Improving China-Japan Relations and Future of Asian Multilateralism: Implications for the US under President Trump
|Leader||Takashi TERADA (Professor, Doshisha University)|
|Researcher||Masaya SAKURAGAWA (Keio University), Mike MOCHIZUKI (George Washington University), Albert KEIDEL (George Washington University), Stephen B. KAPLAN ((George Washington University).|
In 2019, the Indo-Pacific could have three mega FTAs (the CPTPP and RCEP, as well as the EU-Japan Economic Partnership Agreement), each with a different level of quality but all without the United States. China has actively endeavored to improve its ties with major countries in the region, such as Japan and India, in a bid to dominate the regional rulemaking process for trade, investment, and infrastructure. Although Japan has retained its cautious and critical views toward China’s global and regional economic initiatives, President Trump’s radical protectionism with increased tariffs on key products such as automobiles has led Japan to consider the possibility of working with China to build a regional economic order as a way of reducing negative impacts of U.S. protectionism on its trade and investment.

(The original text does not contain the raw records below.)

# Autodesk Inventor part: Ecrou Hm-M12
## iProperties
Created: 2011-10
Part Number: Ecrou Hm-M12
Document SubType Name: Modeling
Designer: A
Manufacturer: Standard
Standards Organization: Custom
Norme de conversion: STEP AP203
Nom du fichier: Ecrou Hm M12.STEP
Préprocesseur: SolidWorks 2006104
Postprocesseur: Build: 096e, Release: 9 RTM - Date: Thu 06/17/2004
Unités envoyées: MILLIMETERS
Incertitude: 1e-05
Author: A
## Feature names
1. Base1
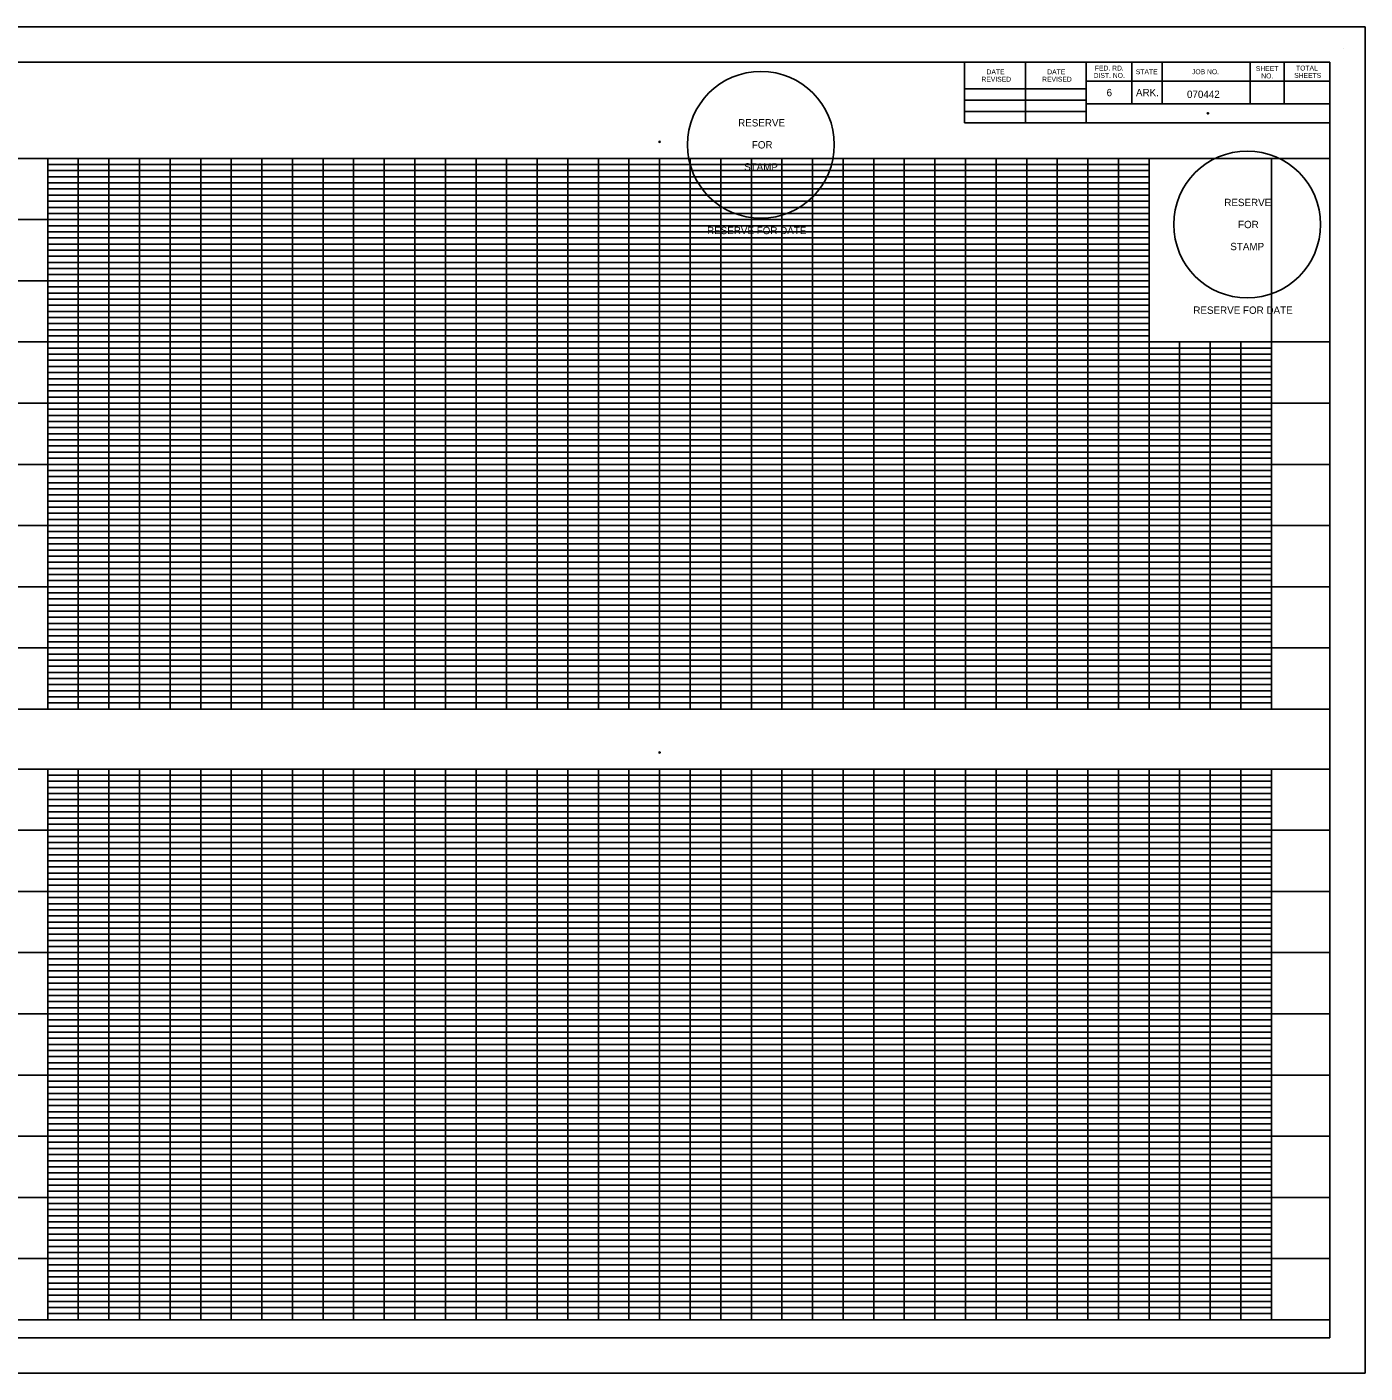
# Model space of a CAD drawing. Extents: x 1 to 1451078, y 0 to 2059437.
# Drawn here: x 1449985 to 1451078, y 2058337 to 2059437 of the extents above; entities that cross this region are included whole.
import ezdxf

# ---------------------------------------------------------------- set-up
doc = ezdxf.new("R2010")
doc.units = 0
for name, color, linetype in [('1', 7, 'Continuous'), ('G-ANNO-TEXT', 7, 'Continuous'), ('G-Border-Sheet', 7, 'Continuous'), ('G-Grid-Border-1', 7, 'Continuous'), ('G-Grid-Border-2', 7, 'Continuous'), ('G-Grid-Major-1', 7, 'Continuous'), ('G-Grid-Minor-1', 7, 'Continuous'), ('G-No Plot-Anchor', 7, 'Continuous'), ('G-No Plot-Stamp-1', 7, 'Continuous'), ('G-No Plot-Stamp-2', 7, 'Continuous'), ('G-Table-Major', 7, 'Continuous'), ('G-Table-Minor', 7, 'Continuous')]:
    doc.layers.add(name, color=color, linetype=linetype)

msp = doc.modelspace()

# ---------------------------------------------------------------- linework, layer by layer
at = {"layer": '1'}
msp.add_lwpolyline([(1451078.1, 2059436.5), (1449378.1, 2059436.5), (1449378.1, 2058336.5), (1451078.1, 2058336.5)], close=True, dxfattribs=at)
at = {"layer": 'G-ANNO-TEXT'}
msp.add_line((1451060.2, 2059419.2), (1451060.2, 2059419.2), dxfattribs=at)
at = {"layer": 'G-Border-Sheet'}
for p, q in [((1449453.9, 2059407.7), (1451049.3, 2059407.7)), ((1451049.3, 2058365.4), (1451049.3, 2059407.7)), ((1451049.3, 2058365.4), (1449453.9, 2058365.4))]:
    msp.add_line(p, q, dxfattribs=at)
at = {"layer": 'G-Grid-Border-1'}
for p, q in [((1450898.5, 2059329.1), (1449453.9, 2059329.1)), ((1451049.3, 2058879.1), (1449453.9, 2058879.1)), ((1451049.3, 2058830.1), (1449453.9, 2058830.1)), ((1451049.3, 2058380.1), (1449453.9, 2058380.1))]:
    msp.add_line(p, q, dxfattribs=at)
for points in [[(1450001.6, 2059329.1), (1450901.6, 2059329.1), (1450901.6, 2059179.1), (1451001.6, 2059179.1), (1451001.6, 2058879.1), (1450001.6, 2058879.1)], [(1450001.6, 2058830.1), (1451001.6, 2058830.1), (1451001.6, 2058380.1), (1450001.6, 2058380.1)]]:
    msp.add_lwpolyline(points, close=True, dxfattribs=at)
at = {"layer": 'G-Grid-Border-2'}
for p, q in [((1450501.6, 2059329.1), (1449453.9, 2059329.1)), ((1450501.6, 2059254.1), (1450501.6, 2059329.1)), ((1450501.6, 2059254.1), (1450501.6, 2059329.1)), ((1450651.6, 2059254.1), (1450651.6, 2059329.1)), ((1451049.3, 2059329.1), (1450651.6, 2059329.1)), ((1450651.6, 2059254.1), (1450651.6, 2059329.1)), ((1450501.6, 2059254.1), (1450651.6, 2059254.1)), ((1450501.6, 2059254.1), (1450651.6, 2059254.1)), ((1451001.6, 2058879.1), (1451001.6, 2059179.1)), ((1451049.3, 2058879.1), (1449453.9, 2058879.1)), ((1451049.3, 2058830.1), (1449453.9, 2058830.1)), ((1451001.6, 2058380.1), (1451001.6, 2058830.1)), ((1451049.3, 2058380.1), (1449453.9, 2058380.1))]:
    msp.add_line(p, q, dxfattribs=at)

This strategic and economic calculation paved the way for Prime Minister Shinzo Abe’s visit to Beijing in November 2018, putting relations on the right track and trumpeting the possibility of a new era of cooperation rather than competition in the Sino-Japanese relationship, and making it possible for President Xi Jinping to pay his first visit to Japan to attend the G20 Summit held in Osaka in June 2019. This panel aims to examine the economic and strategic implications of the growing improvement in the China-Japan relationship for the United States which has emphasized bilateralism and downplayed the strengths and advantages of multilateralism at the same time that it is seeking to strengthen its position toward China.